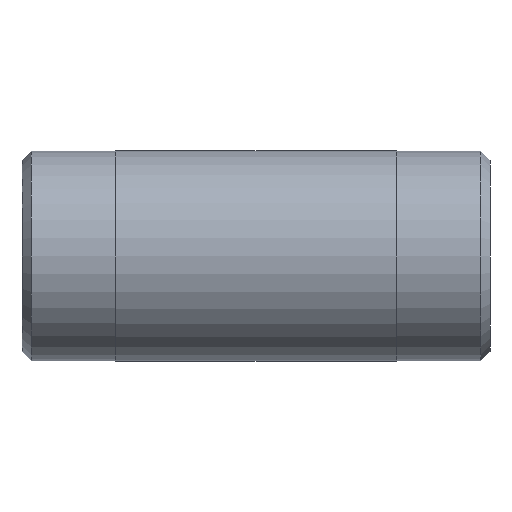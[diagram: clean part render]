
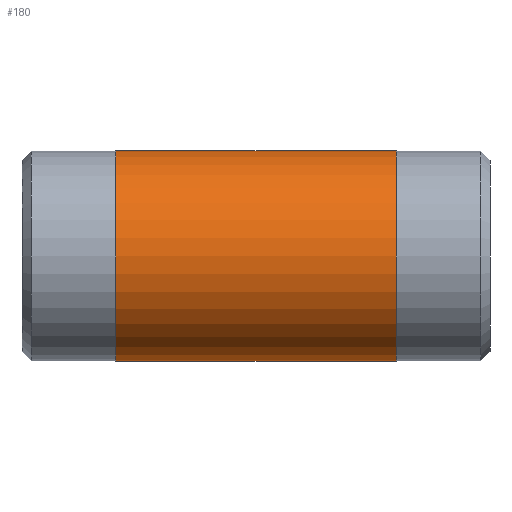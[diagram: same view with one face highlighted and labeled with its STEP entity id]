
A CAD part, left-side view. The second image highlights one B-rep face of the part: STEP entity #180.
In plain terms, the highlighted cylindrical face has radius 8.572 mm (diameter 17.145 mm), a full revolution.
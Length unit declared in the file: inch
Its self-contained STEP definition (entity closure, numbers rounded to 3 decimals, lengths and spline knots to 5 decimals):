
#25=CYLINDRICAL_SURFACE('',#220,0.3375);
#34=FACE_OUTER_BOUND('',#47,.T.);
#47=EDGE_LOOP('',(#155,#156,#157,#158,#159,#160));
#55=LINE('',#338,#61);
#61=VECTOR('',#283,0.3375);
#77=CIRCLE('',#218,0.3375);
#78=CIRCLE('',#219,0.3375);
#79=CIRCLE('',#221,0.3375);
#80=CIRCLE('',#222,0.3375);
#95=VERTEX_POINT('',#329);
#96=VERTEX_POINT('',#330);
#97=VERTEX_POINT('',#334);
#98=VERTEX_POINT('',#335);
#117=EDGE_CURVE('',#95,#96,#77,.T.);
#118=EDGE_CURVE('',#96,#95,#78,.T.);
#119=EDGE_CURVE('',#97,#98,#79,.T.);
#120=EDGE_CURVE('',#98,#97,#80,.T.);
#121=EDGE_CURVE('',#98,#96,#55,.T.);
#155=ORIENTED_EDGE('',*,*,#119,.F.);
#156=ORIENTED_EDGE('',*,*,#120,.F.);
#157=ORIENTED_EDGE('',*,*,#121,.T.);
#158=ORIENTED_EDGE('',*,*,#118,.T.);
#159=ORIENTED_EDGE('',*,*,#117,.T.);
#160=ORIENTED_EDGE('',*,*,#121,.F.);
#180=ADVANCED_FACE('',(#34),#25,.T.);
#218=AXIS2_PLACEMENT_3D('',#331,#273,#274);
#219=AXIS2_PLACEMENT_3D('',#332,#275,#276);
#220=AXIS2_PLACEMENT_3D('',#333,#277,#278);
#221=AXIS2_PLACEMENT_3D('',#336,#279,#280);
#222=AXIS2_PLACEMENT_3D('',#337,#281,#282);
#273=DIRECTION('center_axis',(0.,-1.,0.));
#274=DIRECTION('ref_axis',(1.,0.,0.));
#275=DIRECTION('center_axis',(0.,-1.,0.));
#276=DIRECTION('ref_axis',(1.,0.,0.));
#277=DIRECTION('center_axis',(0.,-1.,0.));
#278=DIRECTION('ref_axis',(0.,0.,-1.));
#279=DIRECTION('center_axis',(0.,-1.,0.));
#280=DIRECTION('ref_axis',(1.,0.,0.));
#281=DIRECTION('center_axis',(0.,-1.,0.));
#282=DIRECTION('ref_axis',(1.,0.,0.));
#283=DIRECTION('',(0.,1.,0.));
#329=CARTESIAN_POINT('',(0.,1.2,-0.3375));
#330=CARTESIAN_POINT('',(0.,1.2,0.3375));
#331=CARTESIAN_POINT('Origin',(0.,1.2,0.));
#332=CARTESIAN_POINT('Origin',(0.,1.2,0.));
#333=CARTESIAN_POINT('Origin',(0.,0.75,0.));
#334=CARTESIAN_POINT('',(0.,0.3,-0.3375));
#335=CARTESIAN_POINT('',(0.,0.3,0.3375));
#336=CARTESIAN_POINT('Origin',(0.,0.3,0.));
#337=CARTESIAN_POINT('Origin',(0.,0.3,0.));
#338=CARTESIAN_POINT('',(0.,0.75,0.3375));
• • • • • • •
ACTION ITEM: Give back exactly the lines of the listing above that run from the line with "Length unit declared in the file: inch" to the line with "#155=ORIENTED_EDGE('',*,*,#119,.F.);", inclusive.

SOLUTION TO THIS TASK:
Length unit declared in the file: inch
Its self-contained STEP definition (entity closure, numbers rounded to 3 decimals, lengths and spline knots to 5 decimals):
#25=CYLINDRICAL_SURFACE('',#220,0.3375);
#34=FACE_OUTER_BOUND('',#47,.T.);
#47=EDGE_LOOP('',(#155,#156,#157,#158,#159,#160));
#55=LINE('',#338,#61);
#61=VECTOR('',#283,0.3375);
#77=CIRCLE('',#218,0.3375);
#78=CIRCLE('',#219,0.3375);
#79=CIRCLE('',#221,0.3375);
#80=CIRCLE('',#222,0.3375);
#95=VERTEX_POINT('',#329);
#96=VERTEX_POINT('',#330);
#97=VERTEX_POINT('',#334);
#98=VERTEX_POINT('',#335);
#117=EDGE_CURVE('',#95,#96,#77,.T.);
#118=EDGE_CURVE('',#96,#95,#78,.T.);
#119=EDGE_CURVE('',#97,#98,#79,.T.);
#120=EDGE_CURVE('',#98,#97,#80,.T.);
#121=EDGE_CURVE('',#98,#96,#55,.T.);
#155=ORIENTED_EDGE('',*,*,#119,.F.);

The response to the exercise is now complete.